Server enthielt Telefonnummern von Hunderten Millionen Facebook-Nutzern

Facebook starrt auf einen weiteren Sicherheitsfehler, diesmal mit einem Vorfall, an dem ein exponierter Server beteiligt war, der Hunderte von Millionen Telefonnummern enthielt, die zuvor mit Konten auf seiner Plattform verknüpft waren.

Die Situation scheint an eine Funktion gebunden zu sein, die auf der Plattform nicht mehr aktiviert ist, aber den Benutzern die Möglichkeit gibt, anhand ihrer Telefonnummer nach jemandem zu suchen. Zack Whittaker von TechCrunch berichtete erstmals am Mittwoch, dass ein Server – der nicht zu Facebook gehörte, aber offensichtlich nicht passwortgeschützt und damit für jeden zugänglich war, der ihn finden konnte – vom Sicherheitsforscher Sanyam Jain online entdeckt wurde und Datensätze von mehr als 419 Millionen Facebook-Nutzern enthielt, darunter 133 Millionen Datensätze von Nutzern aus den USA.

Laut TechCrunch enthielten die auf dem Server enthaltenen Datensätze die Telefonnummer eines Facebook-Benutzers und die individuelle Facebook-ID. Mit beiden sagte TechCrunch, dass es in der Lage sei, sie zu überprüfen, um Datensätze zu überprüfen, und stellte zusätzlich fest, dass in einigen Fällen Datensätze das Land, den Namen und das Geschlecht eines Benutzers enthielten.

Der Bericht stellte fest, dass es unklar ist, wer die Daten von Facebook gelöscht hat oder warum. Der Facebook-Sprecher sagte, das Unternehmen sei vor wenigen Tagen auf die Situation aufmerksam geworden, werde aber kein genaues Datum nennen.

Whittaker bemerkte, dass der Zugriff auf die Telefonnummer eines Benutzers es einem schlechten Akteur ermöglichen könnte, Konten, die mit dieser Nummer verknüpft sind, zurückzusetzen, und dass er sie weiter Eindringlingen wie Spamanrufen oder anderem Missbrauch aussetzen könnte.

Aber es könnte auch einem schlechten Akteur erlauben, eine Vielzahl privater Informationen über eine Person zu erhalten, indem er sie in eine beliebige Anzahl öffentlicher Datenbanken eingibt oder mit einer Beinarbeit oder durch Nachahmung einem Hacker Zugang zu Apps oder sogar einem Bankkonto gewährt.

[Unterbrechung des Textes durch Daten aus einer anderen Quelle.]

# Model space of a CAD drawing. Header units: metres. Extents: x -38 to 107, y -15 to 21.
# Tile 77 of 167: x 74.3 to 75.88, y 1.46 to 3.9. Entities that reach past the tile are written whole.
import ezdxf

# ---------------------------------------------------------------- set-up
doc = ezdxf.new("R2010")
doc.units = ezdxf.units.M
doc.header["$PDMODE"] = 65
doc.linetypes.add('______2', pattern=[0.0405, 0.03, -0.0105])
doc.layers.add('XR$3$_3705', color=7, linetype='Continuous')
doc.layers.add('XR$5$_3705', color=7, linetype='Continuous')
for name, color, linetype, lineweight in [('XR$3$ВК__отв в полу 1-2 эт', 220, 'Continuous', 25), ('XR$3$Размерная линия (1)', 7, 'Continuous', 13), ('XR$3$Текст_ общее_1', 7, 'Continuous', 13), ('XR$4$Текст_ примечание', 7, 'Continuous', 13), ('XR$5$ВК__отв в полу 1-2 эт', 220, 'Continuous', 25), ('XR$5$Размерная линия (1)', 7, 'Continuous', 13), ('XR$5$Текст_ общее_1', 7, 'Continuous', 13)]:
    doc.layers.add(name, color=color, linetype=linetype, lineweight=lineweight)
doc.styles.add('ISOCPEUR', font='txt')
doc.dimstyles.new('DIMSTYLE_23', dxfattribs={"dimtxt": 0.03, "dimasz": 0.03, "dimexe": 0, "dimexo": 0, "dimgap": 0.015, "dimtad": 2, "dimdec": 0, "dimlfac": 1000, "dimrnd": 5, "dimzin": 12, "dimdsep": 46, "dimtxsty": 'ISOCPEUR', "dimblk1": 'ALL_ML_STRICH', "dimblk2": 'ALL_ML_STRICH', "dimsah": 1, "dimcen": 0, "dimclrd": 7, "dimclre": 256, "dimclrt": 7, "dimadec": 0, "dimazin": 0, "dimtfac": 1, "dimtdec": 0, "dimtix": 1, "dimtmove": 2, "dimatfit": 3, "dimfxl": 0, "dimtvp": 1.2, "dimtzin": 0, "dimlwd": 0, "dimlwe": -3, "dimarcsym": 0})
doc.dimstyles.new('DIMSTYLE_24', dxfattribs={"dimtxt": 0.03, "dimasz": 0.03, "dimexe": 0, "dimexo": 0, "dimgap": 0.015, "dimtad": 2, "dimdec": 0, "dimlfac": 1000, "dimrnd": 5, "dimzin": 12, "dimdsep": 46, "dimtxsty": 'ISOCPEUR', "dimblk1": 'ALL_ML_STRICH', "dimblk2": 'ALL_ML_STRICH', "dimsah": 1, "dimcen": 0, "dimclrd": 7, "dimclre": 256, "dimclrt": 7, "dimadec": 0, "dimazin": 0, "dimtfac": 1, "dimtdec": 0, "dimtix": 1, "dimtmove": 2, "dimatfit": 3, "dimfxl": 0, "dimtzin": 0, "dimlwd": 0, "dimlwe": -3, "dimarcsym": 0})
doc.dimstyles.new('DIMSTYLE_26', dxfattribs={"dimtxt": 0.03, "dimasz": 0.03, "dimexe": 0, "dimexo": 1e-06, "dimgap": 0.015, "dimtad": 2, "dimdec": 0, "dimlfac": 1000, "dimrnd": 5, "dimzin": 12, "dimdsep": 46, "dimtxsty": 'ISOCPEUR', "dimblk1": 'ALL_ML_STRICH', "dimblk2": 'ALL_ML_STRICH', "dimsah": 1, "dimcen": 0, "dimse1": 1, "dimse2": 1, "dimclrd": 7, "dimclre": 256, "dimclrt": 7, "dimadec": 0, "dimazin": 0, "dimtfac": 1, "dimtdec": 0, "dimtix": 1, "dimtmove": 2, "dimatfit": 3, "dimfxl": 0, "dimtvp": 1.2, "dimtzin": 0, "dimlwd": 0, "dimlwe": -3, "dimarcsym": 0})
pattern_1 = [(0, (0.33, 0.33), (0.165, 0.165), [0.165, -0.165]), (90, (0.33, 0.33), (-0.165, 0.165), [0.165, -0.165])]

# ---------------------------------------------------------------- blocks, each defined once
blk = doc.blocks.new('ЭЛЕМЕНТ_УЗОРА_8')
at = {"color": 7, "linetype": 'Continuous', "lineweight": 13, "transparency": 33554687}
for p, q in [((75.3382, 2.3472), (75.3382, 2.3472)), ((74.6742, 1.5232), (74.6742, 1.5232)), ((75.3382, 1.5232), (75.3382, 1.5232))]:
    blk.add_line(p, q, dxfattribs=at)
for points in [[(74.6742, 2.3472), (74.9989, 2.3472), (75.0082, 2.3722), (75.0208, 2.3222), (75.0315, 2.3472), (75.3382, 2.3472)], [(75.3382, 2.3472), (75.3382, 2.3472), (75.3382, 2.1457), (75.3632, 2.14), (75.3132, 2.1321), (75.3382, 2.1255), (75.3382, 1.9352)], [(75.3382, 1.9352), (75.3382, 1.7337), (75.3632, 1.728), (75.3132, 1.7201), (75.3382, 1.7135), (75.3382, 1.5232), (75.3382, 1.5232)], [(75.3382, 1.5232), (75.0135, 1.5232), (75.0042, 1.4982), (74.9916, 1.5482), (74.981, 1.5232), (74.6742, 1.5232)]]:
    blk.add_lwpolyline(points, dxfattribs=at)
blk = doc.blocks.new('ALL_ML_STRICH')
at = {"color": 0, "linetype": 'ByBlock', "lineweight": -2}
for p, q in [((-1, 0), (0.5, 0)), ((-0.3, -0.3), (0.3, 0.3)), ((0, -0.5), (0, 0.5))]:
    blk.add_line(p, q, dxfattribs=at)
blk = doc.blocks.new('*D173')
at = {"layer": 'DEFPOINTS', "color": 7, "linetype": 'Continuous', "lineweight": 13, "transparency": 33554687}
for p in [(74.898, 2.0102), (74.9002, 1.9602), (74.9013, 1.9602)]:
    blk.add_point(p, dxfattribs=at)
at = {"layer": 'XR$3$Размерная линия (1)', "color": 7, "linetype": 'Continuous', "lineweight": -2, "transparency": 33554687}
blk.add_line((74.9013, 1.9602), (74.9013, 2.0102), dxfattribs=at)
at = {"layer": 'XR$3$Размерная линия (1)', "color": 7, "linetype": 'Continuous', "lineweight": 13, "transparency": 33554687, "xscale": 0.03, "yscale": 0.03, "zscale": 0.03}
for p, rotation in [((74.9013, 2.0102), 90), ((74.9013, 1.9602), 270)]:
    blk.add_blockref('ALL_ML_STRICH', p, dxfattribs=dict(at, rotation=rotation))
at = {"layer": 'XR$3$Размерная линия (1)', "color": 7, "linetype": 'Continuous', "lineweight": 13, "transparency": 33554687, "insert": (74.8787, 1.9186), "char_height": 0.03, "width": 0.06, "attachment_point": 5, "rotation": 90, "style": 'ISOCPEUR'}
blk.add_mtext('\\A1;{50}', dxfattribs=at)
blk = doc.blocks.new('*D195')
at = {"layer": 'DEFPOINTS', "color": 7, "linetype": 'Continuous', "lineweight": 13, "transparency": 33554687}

„Dieser Datensatz ist alt und scheint Informationen zu haben, die vor den Änderungen im letzten Jahr erhalten wurden, um die Fähigkeit der Menschen zu beseitigen, andere über ihre Telefonnummern zu finden“, sagte der Sprecher in einer Erklärung per E-Mail. „Der Datensatz wurde heruntergefahren und wir haben keine Beweise dafür gefunden, dass Facebook-Konten gefährdet sind.“

Facebook kündigte in einem Blog-Post von CTO Mike Schroepfer im April 2018 an, dass es die Möglichkeit für Benutzer, mit Hilfe von Telefonnummern oder E-Mail-Adressen nach einander zu suchen, einschränken würde, nachdem es herausgefunden hatte, dass „böswillige Akteure“ die Funktion, öffentlich zugängliche Informationen zu kratzen, missbrauchen.

Schroepfer schrieb damals, dass wir aufgrund des „Umfangs und der Raffinesse der Aktivitäten, die wir gesehen haben, glauben, dass die meisten Menschen auf Facebook auf diese Weise ihr öffentliches Profil gelöscht haben könnten“. Dennoch, während das Unternehmen im vergangenen Jahr erstmals die Wahrscheinlichkeit eines solchen Ereignisses bekannt gab, macht es die Nachrichten dieser Woche nicht weniger beunruhigend.

Ein weiterer Tag, ein weiterer spektakulärer Sicherheitsfick von einer Firma, die ein Gespür für diese Art von Sache hat. Die Nachrichten kommen direkt nach Senator Ron Wyden, der einem Interviewer erzählt, dass er glaubt, dass der Gesetzgeber sicherstellen sollte, dass Facebook CEO Mark Zuckerberg „die Möglichkeit einer Gefängnisstrafe“ für den Missbrauch von Benutzerdaten durch sein Unternehmen hat. Das klingt zwar wie ein Hirngespinst, aber die Möglichkeit, dass es Wirklichkeit wird, wird von Tag zu Tag stärker.